Однако она ошиблась. Федор Иванович был потрясен. Но потрясен не только неожиданностью предложения. В этом разговоре все ему было ново, все как-то захватило и закрутило его в сложном вихре, и поверх этого вихря вставали слова, прочитанные Жоржем из Лаврова, — слова об искуплении. До сих пор он успел повидать и полюбить лишь горсточку простой русской молодежи из крестьян, — своих народных учителей на Выставке. Ему было дорого, что они рвались к знанию, и больно, что он не может дать им больше, чем простую помощь гида. Но сейчас речь зашла о другой молодежи и других трудностях, стоящих перед ней. И они хотели заплатить свой долг народу. Учиться, чтобы пойти к народу не с пустыми руками, пойти оплачивать… Да ведь и сам он должник. И разве ему не надо оплачивать?.. Серые глаза, удивительной красоты глаза вдруг так явственно всплыли перед его памятью, так зримо, — и он на миг как бы опять погрузился в глубину их, — серые глаза, — а если встретит, полюбит, — единственную, — и окажется связанным, и брак с ней станет невозможным? Он медленно встал с места.
Жорж глядел на него задумчиво. Липочка совсем не глядела на него и собиралась бежать из комнаты.
Федор Иванович сказал:
— Дайте мне время подумать. Так сразу нельзя. Я подумаю.
Глава пятая
ИЛЬЯ НИКОЛАЕВИЧ ЕДЕТ НА ВЫСТАВКУ
Баронесса Розен была известна в петербургских кругах своей крайней благочестивостью, и не какой-нибудь, а именно православной. То ли на светском приеме, то ли в министерском кабинете, но сообщение, сделанное ею министру народного просвещения, и вынутый из скромной монашеской сумочки объект, переданный ею министру, все было значительно и как бы подчеркнуто сжатием сухих и тонких губ баронессы, втянутых внутрь. И значительность сообщения тотчас заразила министра. Частным образом он узнает то, что должна бы официально знать московская полиция! Уж не на официальной бумаге, а на той самой дамской, заграничной, малого формата, что хранилась у него в кабинете на всякий случай, набросал он, волнуясь, витиевато-кокетливым почерком:
Обер-полицмейстер города Москвы генерал-майор Слезкин безошибочно учуял и крайнее возбужденье, двигавшее гусиным пером министра, и скрытое, но прорывающееся административное ликованье в словах «весь твой», — вот вы там шляпы, а я издалека… орлиным взглядом. И так далее. Знал он также, что, если в дело вмешалась благочестивейшая баронесса Розен, это неминуемо докатится до государя, и тогда не оберешься всяких неприятностей. Надо было действовать, и действовать энергично. Вызванный им тут же офицерский чин был подвергнут вежливому распеку. Офицерский чин, выйдя от него, учинил грозный разнос нижестоящим. В жандармское управление полетела официальная бумага, и к ней была приложена та самая фотография пьяных духовных лиц, какую министр приложил к своему письму.
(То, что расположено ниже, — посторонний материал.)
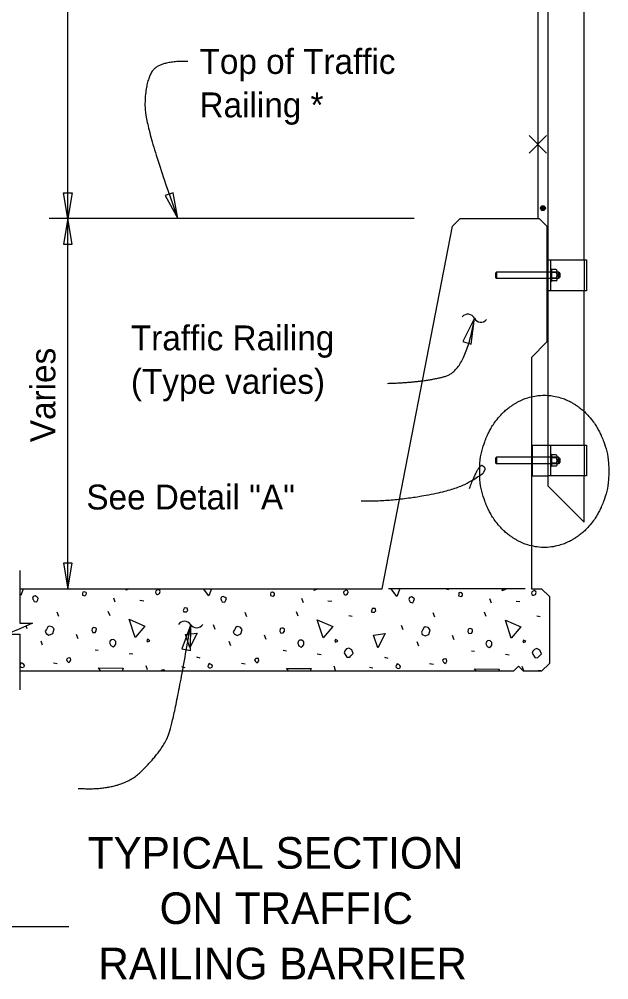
# Model space of a CAD drawing. Extents: x 0 to 41.1, y 0 to 25.9.
# Drawn here: x 29.01 to 33.79, y 11.06 to 18.84 of the extents above; entities that cross this region are included whole.
import ezdxf

# ---------------------------------------------------------------- set-up
doc = ezdxf.new("R2010")
doc.units = 0
for name, color, linetype in [('Dimension', 7, 'Continuous'), ('Miscellaneous', 7, 'Continuous'), ('SteelMisc', 7, 'Continuous'), ('SteelMisc_h', 7, 'Continuous'), ('SupstrConc', 7, 'Continuous'), ('SupstrConc_h', 7, 'Continuous'), ('TextStructures', 7, 'Continuous'), ('TrafBarrierConc', 7, 'Continuous')]:
    doc.layers.add(name, color=color, linetype=linetype)

msp = doc.modelspace()

# ---------------------------------------------------------------- linework, layer by layer
at = {"layer": 'Dimension'}
for p, q in [((29.4061, 14.2246), (29.4061, 23.2246)), ((32.214, 17.2246), (29.2561, 17.2246)), ((23.6151, 11.4901), (29.4153, 11.4901))]:
    msp.add_line(p, q, dxfattribs=at)
for points in [[(29.4061, 17.2246), (29.3708, 17.4328), (29.4413, 17.4328)], [(30.2977, 17.2246), (30.2616, 17.4327), (30.1951, 17.4092)], [(29.4061, 17.2246), (29.3708, 17.0163), (29.4413, 17.0163)], [(32.7026, 16.4167), (32.6085, 16.2276), (32.676, 16.2071)], [(29.4061, 14.2246), (29.4413, 14.4328), (29.3708, 14.4328)], [(30.403, 13.937), (30.3312, 13.7384), (30.4006, 13.7258)]]:
    msp.add_lwpolyline(points, close=True, dxfattribs=at)
msp.add_lwpolyline([(29.0176, 14.3746), (29.0176, 13.9474), (29.1209, 13.9474), (29.0176, 13.9024), (28.9142, 13.8574), (29.0176, 13.8574), (29.0176, 13.4079)], dxfattribs=at)
for centre, start, end in [((32.6489, 16.3894), 27.32823, 139.05545), ((32.7548, 16.4441), 207.32823, 319.05545), ((30.3527, 13.9038), 33.91896, 145.64618), ((30.4517, 13.9703), 213.91896, 325.64618)]:
    msp.add_arc(centre, 0.0596, start, end, dxfattribs=at)
for points, degree in [([(30.3802, 18.496), (30.1383, 18.5019), (30.0322, 18.3129), (30.0322, 17.9586), (30.2976, 17.2245)], 2), ([(31.9983, 15.889), (32.2959, 15.8977), (32.6322, 15.993), (32.7026, 16.4166)], 2), ([(33.2678, 14.5608), (33.3028, 14.5608), (33.3375, 14.5649), (33.4054, 14.5811), (33.4386, 14.5931), (33.4864, 14.6167), (33.502, 14.6255), (33.5248, 14.64), (33.5323, 14.6451), (33.5471, 14.6557), (33.5543, 14.6612), (33.5899, 14.6896), (33.6163, 14.7155), (33.6642, 14.7726), (33.6856, 14.8038), (33.7091, 14.8457), (33.7136, 14.8542), (33.7223, 14.8715), (33.7265, 14.8803), (33.7384, 14.9069), (33.7456, 14.9251), (33.7776, 15.0175), (33.7909, 15.0966), (33.7909, 15.2569), (33.7776, 15.336), (33.7456, 15.4283), (33.7384, 15.4465), (33.7265, 15.4731), (33.7223, 15.4819), (33.7136, 15.4992), (33.7091, 15.5077), (33.6856, 15.5496), (33.6642, 15.5808), (33.6163, 15.638), (33.5899, 15.6638), (33.5543, 15.6923), (33.5471, 15.6978), (33.5323, 15.7083), (33.5248, 15.7134), (33.502, 15.7279), (33.4864, 15.7367), (33.4386, 15.7603), (33.4054, 15.7724), (33.3375, 15.7885), (33.3028, 15.7926), (33.2328, 15.7926), (33.198, 15.7885), (33.1301, 15.7724), (33.097, 15.7603), (33.0492, 15.7367), (33.0336, 15.7279), (33.0108, 15.7134), (33.0033, 15.7083), (32.9885, 15.6978), (32.9812, 15.6923), (32.9456, 15.6638), (32.9193, 15.638), (32.8714, 15.5808), (32.8499, 15.5496), (32.8264, 15.5077), (32.8219, 15.4992), (32.8132, 15.4819), (32.8091, 15.4731), (32.7971, 15.4465), (32.79, 15.4283), (32.7579, 15.336), (32.7447, 15.2569), (32.7447, 15.0966), (32.7579, 15.0175), (32.79, 14.9251), (32.7971, 14.9069), (32.8091, 14.8803), (32.8132, 14.8715), (32.8219, 14.8542), (32.8264, 14.8457), (32.8499, 14.8038), (32.8714, 14.7726), (32.9193, 14.7155), (32.9456, 14.6896), (32.9812, 14.6612), (32.9885, 14.6557), (33.0033, 14.6451), (33.0108, 14.64), (33.0336, 14.6255), (33.0492, 14.6167), (33.097, 14.5931), (33.1301, 14.5811), (33.198, 14.5649), (33.2328, 14.5608), (33.2678, 14.5608)], 3), ([(31.785, 14.9372), (32.0075, 14.9325), (32.5443, 15.0224), (32.7693, 15.1547), (32.78, 15.1766), (32.7962, 15.2026), (32.737, 15.2403), (32.6589, 15.0361)], 2), ([(29.4916, 12.6094), (29.8372, 12.5861), (30.1609, 12.9013), (30.2688, 13.1436), (30.4029, 13.9374)], 2)]:
    msp.add_open_spline(points, degree=degree, dxfattribs=at)
at = {"layer": 'Miscellaneous'}
for p, q in [((33.2861, 17.8952), (33.1447, 17.7539)), ((33.1447, 17.8952), (33.2861, 17.7539)), ((33.2884, 16.8894), (33.2988, 16.8894)), ((33.292, 16.8894), (33.292, 16.6394)), ((33.2953, 16.8894), (33.2953, 16.6394)), ((33.3795, 16.7756), (33.3795, 16.7548)), ((33.3891, 16.7756), (33.3891, 16.7548)), ((33.2988, 16.6394), (33.2884, 16.6394)), ((33.1634, 15.3894), (33.1738, 15.3894)), ((33.167, 15.3894), (33.167, 15.1394)), ((33.1703, 15.3894), (33.1703, 15.1394)), ((33.3795, 15.2756), (33.3795, 15.2548)), ((33.3891, 15.2756), (33.3891, 15.2548)), ((33.1738, 15.1394), (33.1634, 15.1394)), ((30.9661, 14.2246), (30.9674, 14.2243)), ((32.4722, 14.2246), (32.4912, 14.2207)), ((29.7919, 14.1165), (29.7795, 14.15)), ((29.9916, 14.1324), (30.0234, 14.1288)), ((31.3157, 14.1129), (31.3033, 14.1465)), ((31.5154, 14.1288), (31.5473, 14.1253)), ((32.8395, 14.1094), (32.8271, 14.143)), ((33.0392, 14.1253), (33.0711, 14.1218)), ((29.334, 14.0015), (29.3199, 14.0369)), ((29.7494, 14.0068), (29.7353, 14.0422)), ((30.8578, 13.998), (30.8437, 14.0334)), ((31.2732, 14.0033), (31.2591, 14.0387)), ((31.6834, 14.0104), (31.7117, 14.0033)), ((32.3816, 13.9945), (32.3675, 14.0298)), ((32.7971, 13.9998), (32.7829, 14.0351)), ((33.2072, 14.0068), (33.2355, 13.9998)), ((29.0777, 13.9008), (29.0682, 13.9245)), ((30.6015, 13.8972), (30.5874, 13.9326)), ((32.1253, 13.8937), (32.1112, 13.9291)), ((29.4913, 13.8195), (29.4772, 13.8548)), ((31.0152, 13.8159), (31.001, 13.8513)), ((32.539, 13.8124), (32.5248, 13.8477)), ((29.2032, 13.7682), (29.1908, 13.8018)), ((30.727, 13.7647), (30.7146, 13.7983)), ((32.2508, 13.7611), (32.2384, 13.7947)), ((29.6292, 13.7311), (29.654, 13.7275)), ((29.905, 13.7028), (29.935, 13.6975)), ((31.153, 13.7275), (31.1778, 13.724)), ((31.4288, 13.6993), (31.4589, 13.694)), ((32.6769, 13.724), (32.7016, 13.7205)), ((32.9526, 13.6957), (32.9827, 13.6904)), ((29.2916, 13.6268), (29.3216, 13.6215)), ((30.4495, 13.6745), (30.4778, 13.6674)), ((30.8154, 13.6232), (30.8454, 13.6179)), ((31.9733, 13.671), (32.0016, 13.6639)), ((32.3392, 13.6197), (32.3693, 13.6144)), ((30.0535, 13.5684), (30.0411, 13.602)), ((30.3275, 13.595), (30.3558, 13.5879)), ((31.5773, 13.5649), (31.5649, 13.5985)), ((31.8513, 13.5914), (31.8796, 13.5844)), ((33.1011, 13.5614), (33.0887, 13.595))]:
    msp.add_line(p, q, dxfattribs=at)
for points in [[(33.2155, 23.2246), (33.2155, 17.2246)], [(29.0264, 14.1713), (29.0176, 14.1829)], [(29.0463, 14.2246), (29.0264, 14.1713)], [(29.1254, 14.1394), (29.1343, 14.1235), (29.1555, 14.12), (29.1643, 14.1359), (29.1678, 14.15), (29.159, 14.1589), (29.1431, 14.1677), (29.1272, 14.1624), (29.1219, 14.1465), (29.1254, 14.1394)], [(29.5249, 14.1748), (29.5444, 14.1695), (29.5567, 14.1783), (29.5585, 14.1907), (29.555, 14.1942), (29.5408, 14.2013), (29.5285, 14.1995), (29.5267, 14.1872), (29.5249, 14.1748)], [(29.8802, 14.2154), (29.8831, 14.2246)], [(29.9005, 14.2246), (29.8802, 14.2154)], [(30.1277, 14.1801), (30.1348, 14.1801), (30.1489, 14.1872), (30.1543, 14.2031), (30.1525, 14.2119), (30.1383, 14.219), (30.1207, 14.2084), (30.1171, 14.1978), (30.1207, 14.1872), (30.1277, 14.1801)], [(30.5502, 14.1677), (30.507, 14.2246)], [(30.5715, 14.2246), (30.5502, 14.1677)], [(30.6492, 14.1359), (30.6581, 14.12), (30.6793, 14.1165), (30.6881, 14.1324), (30.6917, 14.1465), (30.6828, 14.1553), (30.6669, 14.1642), (30.651, 14.1589), (30.6457, 14.143), (30.6492, 14.1359)], [(31.0487, 14.1713), (31.0682, 14.1659), (31.0806, 14.1748), (31.0823, 14.1872), (31.0788, 14.1907), (31.0647, 14.1978), (31.0523, 14.196), (31.0505, 14.1836), (31.0487, 14.1713)], [(31.4041, 14.2119), (31.408, 14.2246)], [(31.4322, 14.2246), (31.4041, 14.2119)], [(31.6516, 14.1766), (31.6586, 14.1766), (31.6728, 14.1836), (31.6781, 14.1995), (31.6763, 14.2084), (31.6622, 14.2154), (31.6445, 14.2048), (31.6409, 14.1942), (31.6445, 14.1836), (31.6516, 14.1766)], [(32.074, 14.1642), (32.0282, 14.2246)], [(32.0966, 14.2246), (32.074, 14.1642)], [(32.173, 14.1324), (32.1819, 14.1165), (32.2031, 14.1129), (32.2119, 14.1288), (32.2155, 14.143), (32.2066, 14.1518), (32.1907, 14.1606), (32.1748, 14.1553), (32.1695, 14.1394), (32.173, 14.1324)], [(32.5726, 14.1677), (32.592, 14.1624), (32.6044, 14.1713), (32.6061, 14.1836), (32.6026, 14.1872), (32.5885, 14.1942), (32.5761, 14.1925), (32.5743, 14.1801), (32.5726, 14.1677)], [(32.9279, 14.2084), (32.9329, 14.2246)], [(32.9639, 14.2246), (32.9279, 14.2084)], [(33.1754, 14.173), (33.1824, 14.173), (33.1966, 14.1801), (33.2019, 14.196), (33.2001, 14.2048), (33.186, 14.2119), (33.1683, 14.2013), (33.1648, 14.1907), (33.1683, 14.1801), (33.1754, 14.173)], [(30.3469, 14.0387), (30.3682, 14.0387), (30.3788, 14.0493), (30.3735, 14.0687), (30.3505, 14.0705), (30.3469, 14.0599), (30.3416, 14.051), (30.3469, 14.0387), (30.3434, 14.0422)], [(31.8708, 14.0351), (31.892, 14.0351), (31.9026, 14.0457), (31.8973, 14.0652), (31.8743, 14.067), (31.8708, 14.0563), (31.8654, 14.0475), (31.8708, 14.0351), (31.8672, 14.0387)], [(29.9527, 13.8318), (29.905, 13.9786), (30.0305, 13.9238), (29.9527, 13.8318)], [(31.4765, 13.8283), (31.4288, 13.975), (31.5543, 13.9202), (31.4765, 13.8283)], [(33.0004, 13.8248), (32.9526, 13.9715), (33.0781, 13.9167), (33.0004, 13.8248)], [(29.2315, 13.8637), (29.2545, 13.8513), (29.2845, 13.8637), (29.2969, 13.9008), (29.2792, 13.9185), (29.2562, 13.9238), (29.2456, 13.9167), (29.2332, 13.8972), (29.2244, 13.8813), (29.2315, 13.8637)], [(29.6009, 13.8866), (29.6098, 13.8707), (29.6292, 13.8725), (29.6381, 13.8849), (29.6398, 13.9043), (29.6275, 13.9096), (29.6186, 13.9114), (29.608, 13.9079), (29.6045, 13.9043), (29.6009, 13.8866)], [(30.3947, 13.7505), (30.3611, 13.8548), (30.4548, 13.8672), (30.3947, 13.7505)], [(30.7553, 13.8601), (30.7783, 13.8477), (30.8083, 13.8601), (30.8207, 13.8972), (30.803, 13.9149), (30.78, 13.9202), (30.7694, 13.9132), (30.7571, 13.8937), (30.7482, 13.8778), (30.7553, 13.8601)], [(31.1248, 13.8831), (31.1336, 13.8672), (31.153, 13.869), (31.1619, 13.8813), (31.1636, 13.9008), (31.1513, 13.9061), (31.1424, 13.9079), (31.1318, 13.9043), (31.1283, 13.9008), (31.1248, 13.8831)], [(31.9185, 13.747), (31.8849, 13.8513), (31.9786, 13.8637), (31.9185, 13.747)], [(32.2791, 13.8566), (32.3021, 13.8442), (32.3321, 13.8566), (32.3445, 13.8937), (32.3268, 13.9114), (32.3039, 13.9167), (32.2932, 13.9096), (32.2809, 13.8902), (32.272, 13.8743), (32.2791, 13.8566)], [(32.6486, 13.8796), (32.6574, 13.8637), (32.6769, 13.8654), (32.6857, 13.8778), (32.6875, 13.8972), (32.6751, 13.9026), (32.6662, 13.9043), (32.6556, 13.9008), (32.6521, 13.8972), (32.6486, 13.8796)], [(29.7459, 13.7876), (29.7565, 13.7664), (29.7742, 13.7558), (29.7883, 13.7664), (29.7954, 13.777), (29.7954, 13.7983), (29.7795, 13.8142), (29.76, 13.8124), (29.7512, 13.8036), (29.7459, 13.7876)], [(30.0517, 13.7965), (30.0712, 13.8053), (30.0641, 13.8124), (30.0517, 13.8177), (30.0464, 13.8053), (30.0517, 13.7965)], [(31.2697, 13.7841), (31.2803, 13.7629), (31.298, 13.7523), (31.3121, 13.7629), (31.3192, 13.7735), (31.3192, 13.7947), (31.3033, 13.8106), (31.2839, 13.8089), (31.275, 13.8), (31.2697, 13.7841)], [(31.5755, 13.7929), (31.595, 13.8018), (31.5879, 13.8089), (31.5755, 13.8142), (31.5702, 13.8018), (31.5755, 13.7929)], [(32.7935, 13.7806), (32.8041, 13.7594), (32.8218, 13.7488), (32.836, 13.7594), (32.843, 13.77), (32.843, 13.7912), (32.8271, 13.8071), (32.8077, 13.8053), (32.7988, 13.7965), (32.7935, 13.7806)], [(33.0994, 13.7894), (33.1188, 13.7983), (33.1117, 13.8053), (33.0994, 13.8106), (33.094, 13.7983), (33.0994, 13.7894)], [(31.6462, 13.7081), (31.6692, 13.671), (31.6922, 13.6727), (31.701, 13.6816), (31.7205, 13.701), (31.7081, 13.7311), (31.6834, 13.7452), (31.6657, 13.7381), (31.6516, 13.724), (31.6462, 13.7081)], [(33.1701, 13.7046), (33.193, 13.6674), (33.216, 13.6692), (33.2249, 13.678), (33.2443, 13.6975), (33.2319, 13.7275), (33.2072, 13.7417), (33.1895, 13.7346), (33.1754, 13.7205), (33.1701, 13.7046)], [(29.0282, 13.5897), (29.0406, 13.5879), (29.0529, 13.5932), (29.0565, 13.6038), (29.0512, 13.6126), (29.0406, 13.6197), (29.0282, 13.625), (29.0211, 13.6109), (29.0176, 13.6003)], [(29.403, 13.6392), (29.4136, 13.6285), (29.4242, 13.6356), (29.4312, 13.6462), (29.4277, 13.6639), (29.4189, 13.6657), (29.4065, 13.6639), (29.3959, 13.6533), (29.403, 13.6392)], [(30.552, 13.5861), (30.5644, 13.5844), (30.5767, 13.5897), (30.5803, 13.6003), (30.575, 13.6091), (30.5644, 13.6162), (30.552, 13.6215), (30.5449, 13.6073), (30.5414, 13.5967), (30.552, 13.5861)], [(30.9268, 13.6356), (30.9374, 13.625), (30.948, 13.6321), (30.955, 13.6427), (30.9515, 13.6604), (30.9427, 13.6621), (30.9303, 13.6604), (30.9197, 13.6498), (30.9268, 13.6356)], [(32.0758, 13.5826), (32.0882, 13.5808), (32.1006, 13.5861), (32.1041, 13.5967), (32.0988, 13.6056), (32.0882, 13.6126), (32.0758, 13.6179), (32.0687, 13.6038), (32.0652, 13.5932), (32.0758, 13.5826)], [(32.4506, 13.6321), (32.4612, 13.6215), (32.4718, 13.6285), (32.4789, 13.6392), (32.4753, 13.6568), (32.4665, 13.6586), (32.4541, 13.6568), (32.4435, 13.6462), (32.4506, 13.6321)], [(29.0176, 13.6003), (29.0282, 13.5897)], [(29.6759, 13.5578), (29.6557, 13.5844), (29.8555, 13.5826), (29.8462, 13.5578)], [(30.1932, 13.5578), (30.1913, 13.5669), (30.1825, 13.5687), (30.1701, 13.5669), (30.161, 13.5578)], [(31.197, 13.5578), (31.1796, 13.5808), (31.3793, 13.579), (31.3714, 13.5578)], [(32.7181, 13.5578), (32.7034, 13.5773), (32.9031, 13.5755), (32.8965, 13.5578)], [(33.2394, 13.5578), (33.239, 13.5599), (33.2301, 13.5616), (33.2178, 13.5599), (33.2157, 13.5578)]]:
    msp.add_lwpolyline(points, dxfattribs=at)
at = {"layer": 'SteelMisc'}
for p, q in [((33.2155, 23.2245), (33.2155, 17.2245)), ((33.2988, 16.8894), (33.2988, 23.2245)), ((33.5905, 16.8894), (33.5905, 23.2245)), ((33.2988, 16.6394), (33.2988, 16.8894)), ((33.2988, 16.8894), (33.6113, 16.8894)), ((33.3197, 16.8894), (33.3197, 16.6394)), ((33.6113, 16.8894), (33.6113, 16.6394)), ((33.3267, 16.8141), (33.3197, 16.8141)), ((33.3267, 16.8141), (33.3267, 16.7147)), ((33.3644, 16.8098), (33.3267, 16.8098)), ((33.3267, 16.719), (33.3267, 16.8098)), ((33.3647, 16.7871), (33.3267, 16.7871)), ((33.3647, 16.7418), (33.3267, 16.7418)), ((33.3731, 16.7303), (33.3731, 16.7985)), ((33.3844, 16.7902), (33.3731, 16.7902)), ((33.3844, 16.7387), (33.3731, 16.7387)), ((33.3844, 16.7902), (33.3844, 16.7387)), ((33.394, 16.7805), (33.3844, 16.7902)), ((33.394, 16.75), (33.3844, 16.7387)), ((33.394, 16.7805), (33.394, 16.75)), ((33.3267, 16.7147), (33.3197, 16.7147)), ((33.3644, 16.719), (33.3267, 16.719)), ((33.2988, 15.0561), (33.2988, 16.6394)), ((33.6113, 16.6394), (33.2988, 16.6394)), ((33.5905, 15.3894), (33.5905, 16.6394)), ((33.1738, 15.1394), (33.1738, 15.3894)), ((33.1738, 15.3894), (33.2988, 15.3894)), ((33.2988, 15.3894), (33.6113, 15.3894)), ((33.3197, 15.3894), (33.3197, 15.1394)), ((33.6113, 15.3894), (33.6113, 15.1394)), ((33.3267, 15.3141), (33.3197, 15.3141)), ((33.3267, 15.3141), (33.3267, 15.2147)), ((33.3644, 15.3098), (33.3267, 15.3098)), ((33.3267, 15.219), (33.3267, 15.3098)), ((33.3647, 15.2871), (33.3267, 15.2871)), ((33.3731, 15.2303), (33.3731, 15.2985)), ((33.3844, 15.2902), (33.3731, 15.2902)), ((33.3844, 15.2902), (33.3844, 15.2387)), ((33.394, 15.2805), (33.3844, 15.2902)), ((33.394, 15.25), (33.3844, 15.2387)), ((33.394, 15.2805), (33.394, 15.25)), ((33.3267, 15.2147), (33.3197, 15.2147)), ((33.3647, 15.2418), (33.3267, 15.2418)), ((33.3644, 15.219), (33.3267, 15.219)), ((33.3844, 15.2387), (33.3731, 15.2387)), ((33.1738, 15.1394), (33.2988, 15.1394)), ((33.6113, 15.1394), (33.2988, 15.1394)), ((33.5905, 14.7644), (33.5905, 15.1394))]:
    msp.add_line(p, q, dxfattribs=at)
msp.add_lwpolyline([(33.2988, 15.0561), (33.5905, 14.7644)], dxfattribs=at)
for radius in [0.0197, 0.0172, 0.0147, 0.0122, 0.00975, 0.00725, 0.00475, 0.00225]:
    msp.add_circle((33.2572, 17.3079), radius, dxfattribs=at)
for centre, radius, start, end in [((33.3613, 16.7984), 0.0118, 286.59863, 74.70054), ((33.3613, 16.7304), 0.0118, 285.15064, 73.50417), ((33.3384, 16.7644), 0.0347, 319.20147, 40.79853), ((33.3613, 15.2984), 0.0118, 286.59863, 74.70054), ((33.3384, 15.2644), 0.0347, 319.20147, 40.79853), ((33.3613, 15.2304), 0.0118, 285.15064, 73.50417)]:
    msp.add_arc(centre, radius, start, end, dxfattribs=at)
at = {"layer": 'SteelMisc_h'}
for p, q in [((33.5905, 16.8894), (33.5905, 16.6394)), ((32.8799, 16.7904), (32.8717, 16.7822)), ((32.8717, 16.7822), (32.8717, 16.7465)), ((32.8799, 16.7384), (32.8717, 16.7465)), ((33.3731, 16.7904), (32.8799, 16.7904)), ((32.8799, 16.7904), (32.8799, 16.7384)), ((33.3731, 16.7384), (32.8799, 16.7384)), ((33.5905, 15.3894), (33.5905, 15.1394)), ((33.5905, 15.3894), (33.5905, 15.1394)), ((32.8799, 15.2904), (32.8717, 15.2822)), ((32.8717, 15.2822), (32.8717, 15.2465)), ((32.8799, 15.2384), (32.8717, 15.2465)), ((33.3731, 15.2904), (32.8799, 15.2904)), ((32.8799, 15.2904), (32.8799, 15.2384)), ((33.3731, 15.2384), (32.8799, 15.2384))]:
    msp.add_line(p, q, dxfattribs=at)
at = {"layer": 'SupstrConc'}
for p, q in [((29.0176, 14.2246), (31.9551, 14.2246)), ((33.1634, 14.2246), (33.2467, 14.2246)), ((33.2467, 14.2246), (33.3092, 14.1621)), ((33.3092, 14.1621), (33.3092, 13.6204)), ((33.3092, 13.6204), (33.2467, 13.5579)), ((33.0175, 13.5579), (29.0176, 13.5579)), ((33.0175, 13.5579), (33.0592, 13.5995)), ((33.0592, 13.5995), (33.1009, 13.5579)), ((33.2467, 13.5579), (33.1009, 13.5579))]:
    msp.add_line(p, q, dxfattribs=at)
at = {"layer": 'SupstrConc_h'}
msp.add_line((33.1124, 14.2246), (32.0061, 14.2246), dxfattribs=at)
at = {"layer": 'TrafBarrierConc'}
for p, q in [((32.5244, 17.162), (32.5869, 17.2245)), ((32.5869, 17.2245), (33.2259, 17.2246)), ((33.2259, 17.2245), (33.2884, 17.162)), ((31.9551, 14.2246), (32.5244, 17.162)), ((33.2884, 17.162), (33.2884, 16.2245)), ((33.2884, 16.2245), (33.1634, 16.0995)), ((33.1634, 16.0995), (33.1634, 14.2246))]:
    msp.add_line(p, q, dxfattribs=at)

# ---------------------------------------------------------------- texts
at = {"layer": 'Dimension'}
for s, height, p in [('Top of Traffic ', 0.2016, (30.4747, 18.3949)), ('Railing *', 0.2016, (30.4747, 18.0429)), ('Traffic Railing ', 0.2016, (29.9184, 16.1562)), ('(Type varies)', 0.2016, (29.9184, 15.8042)), ('TYPICAL SECTION', 0.256001, (29.5683, 11.9589)), ('ON TRAFFIC', 0.256, (30.1511, 11.5109)), ('RAILING BARRIER', 0.256001, (29.6545, 11.0629))]:
    msp.add_text(s, height=height, dxfattribs=at).set_placement(p)
at = {"layer": 'TextStructures'}
msp.add_text('Varies', height=0.2016, rotation=90, dxfattribs=at).set_placement((29.3061, 15.4127))
msp.add_text('See Detail "A"', height=0.2016, dxfattribs=at).set_placement((29.5575, 14.8677))

doc.saveas('drawing.dxf')

Дело двинулось законным чередом и продвигалось две недели, в течение которых его жарко обсуждали в Москве и Петербурге. В Московской полиции комментарии сводились к тревожному симптому вредного распространения фотографии: бог весть что в щелку подсмотрят и щелкнут, — ведь не трудно и щелкнуть, потому что пьют, канальи, ничего не скажешь, — пьют. Но петербургскому департаменту, глядевшему в корень, дело казалось глубже: неизвестные недоброжелатели вполне могли, для компрометации власти, разыграть пьяную сценку в маскарадных рясах и щелкнуть ее.
Однако жандармское управление на третью неделю доискалось истины, главным образом с помощью выставочного комитета, и тогда, 30 июня 1872 года, наступило торжество генерал-майора Слезкина. Не на почтовой бумаге, а на самой официальной он ответил дружку своему, графу Дмитрию Андреевичу Толстому, что на Политехнической выставке оная не продавалась и «продаваться не может, так как экспонаты каждого отдела выставки, представляя свои произведения, строго следят за тем, чтобы в числе этих произведений не было чего-либо компрометирующего их отдел. По собранным же сведениям, означенная фотография есть снимок с картины художника Перова и продается совершенно негласно в некоторых магазинах, ведущих торговлю картинами и эстампами».